Sequences were then clustered at a variety of percent identities using the CD-HIT24 clustering algorithm. A sequence identity cutoff of 97% was used to identify OTUs and the results of the CD-HIT algorithm using this threshold was used in subsequent analysis. Clustered data were then evaluated for potential chimeric sequences using the fast implementation of UCHIME within the USEARCH package v.4.2.6648 using default and modified parameters.

Taxonomy was assigned using the RDP-II classifier45 and assignments were accepted if the bootstrap measure of classification reliability exceeded 0.5. Taxonomic bar charts were plotted using the ggplot2 package49 implemented in the R statistical environment50.

Representative sequences from each cluster were aligned with the PyNAST aligner to the greengenes core set51 in QIIME v 1.2.052. A phylogeny was constructed within QIIME using FastTree53. Rarefaction curves, alpha diversity and beta diversity calculations were performed using QIIME and plotted independently.
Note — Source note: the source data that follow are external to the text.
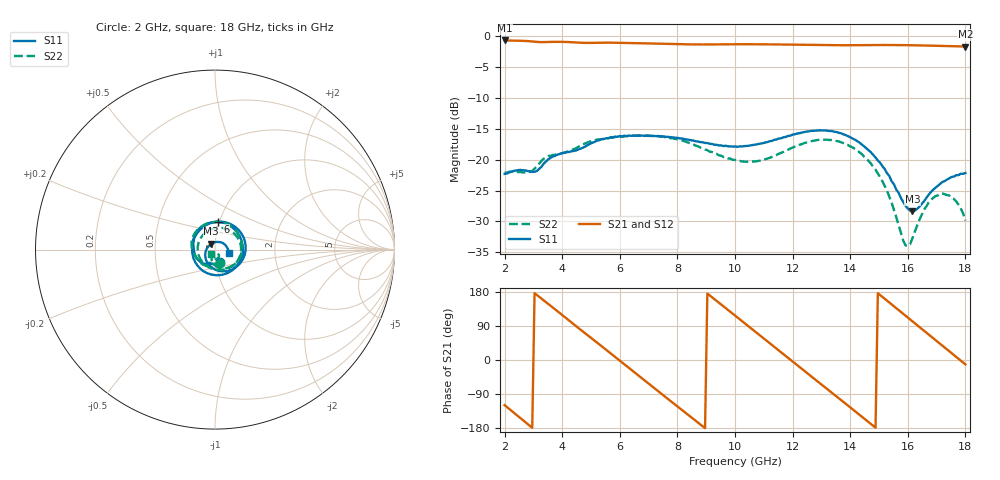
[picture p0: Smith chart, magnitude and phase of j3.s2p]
!Keysight Technologies,P5004A,MY58100454,A.15.10.06
!Date: Monday, July 18, 2022 10:35:06
!Correction: S11(C  2-Port  )
!S21(C  2-Port  )
!S12(C  2-Port  )
!S22(C  2-Port  )
!S2P File: Measurements: S11, S21, S12, S22:
# Hz S  dB  R 50
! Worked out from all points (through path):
!   201 points, 2 GHz to 18 GHz, reference 50 ohm
!   highest |S21| = -0.66 dB at 2 GHz (marker M1); lowest = -1.6 dB at 18 GHz (marker M2)
!   group delay of S21, straight-line fit = 168 ps
!   lowest |S11| = -28.3 dB at 16.16 GHz (marker M3), VSWR 1.08, Z = 47.9 + j3.08 ohm
!   |S11| at or under -10 dB: start of sweep to end of sweep
!   |S22| runs from -34.0 to -16.1 dB; largest |S21 - S12| = 0.00052
!   S11 on the Smith chart (normalised r, x): 2 GHz: 1.05, -0.15; 6 GHz: 0.99, +0.31; 18 GHz: 1.16, -0.05
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2e9  -22.31 -67.9  -0.66 -119.1  -0.66 -119.1  -22.13 -67.8
2.64e9  -21.72 -99.3  -0.72 -159.0  -0.72 -159.0  -22.09 -94.4
3.2e9  -21.50 -115.4  -0.92 166.9  -0.92 166.9  -20.63 -109.3
4e9  -18.93 -157.0  -0.89 118.6  -0.89 118.6  -18.93 -154.1
4.72e9  -18.05 165.4  -1.05 75.1  -1.05 75.0  -17.51 169.4
6e9  -16.17 83.7  -1.03 -1.9  -1.03 -1.9  -16.29 96.5
6.56e9  -16.12 46.2  -1.09 -35.9  -1.09 -35.9  -16.08 65.6
7.36e9  -16.16 -7.3  -1.18 -84.0  -1.18 -84.1  -16.22 21.9
8e9  -16.45 -50.8  -1.25 -122.5  -1.25 -122.6  -16.68 -13.1
8.8e9  -17.14 -103.9  -1.31 -170.3  -1.31 -170.4  -18.05 -57.9
1e10  -17.86 -175.0  -1.28 117.4  -1.27 117.4  -20.05 -131.1
1.072e10  -17.54 146.2  -1.28 73.7  -1.28 73.7  -20.27 174.3
1.152e10  -16.56 103.3  -1.31 25.0  -1.31 25.0  -19.03 111.7
1.208e10  -15.88 73.0  -1.35 -8.9  -1.35 -8.9  -17.87 70.7
1.272e10  -15.31 36.7  -1.40 -47.6  -1.40 -47.7  -16.93 27.6
1.384e10  -16.00 -30.1  -1.43 -115.2  -1.44 -115.2  -17.48 -39.3
1.464e10  -18.46 -80.8  -1.41 -164.0  -1.41 -164.0  -20.24 -82.2
1.536e10  -22.67 -134.8  -1.40 151.7  -1.40 151.7  -26.04 -112.6
1.592e10  -27.47 161.1  -1.42 117.0  -1.42 117.0  -33.89 -92.4
1.616e10  -28.35 122.8  -1.44 102.2  -1.44 102.1  -32.75 -62.2
1.712e10  -23.93 22.3  -1.54 42.8  -1.54 42.8  -25.52 -80.2
1.8e10  -22.15 -15.0  -1.64 -11.5  -1.64 -11.6  -29.86 -135.9

For rarefaction curves of Chao1 species estimates, five sets of resampled data (without replacement) were used. Calculations for Chao1, phylogenetic diversity and Shannon diversity involved five rarefied subsets of 200,000 sequences from each sample. Supra-gingival plaque from Subject 1 was excluded from this analysis since it contained an unusually low number of sequences. Similarity and differences in community membership were calculated based on the phylogenetic information within each sample with both the unweighted and weighted UniFrac analysis. UPGMA trees of weighted and unweighted UniFrac values were calculated with QIIME and plotted with FigTree v 1.3.154. Jackknife values were calculated with 100 sets of 200,000-sequence rarefied tables (without replacement). Principal coordinate analysis (PCoA) of weighted and unweighted UniFrac were also calculated and plotted with QIIME.

To characterize the overlap of OTUs present among broad sampling regions (mouth, stomach/duodenum, colon and stool) and across subjects, Venn diagrams were constructed using the gplots package in R50. Singleton OTUs were removed from this analysis because they made up the majority of OTU clusters and were not shared between sites or subjects.

To demonstrate the utility of obtaining such a comprehensive sequence data set for determining the presence of organisms of interest, a non-redundant blastn database was constructed from our 16S rRNA sequences. Corresponding sequences from medically significant species (see Table S6) were then queried against the custom database. To ensure strict matches, a 99% identity threshold was used with no more than a two-nucleotide deviation in length from the medically significant query sequence (Fig. 6).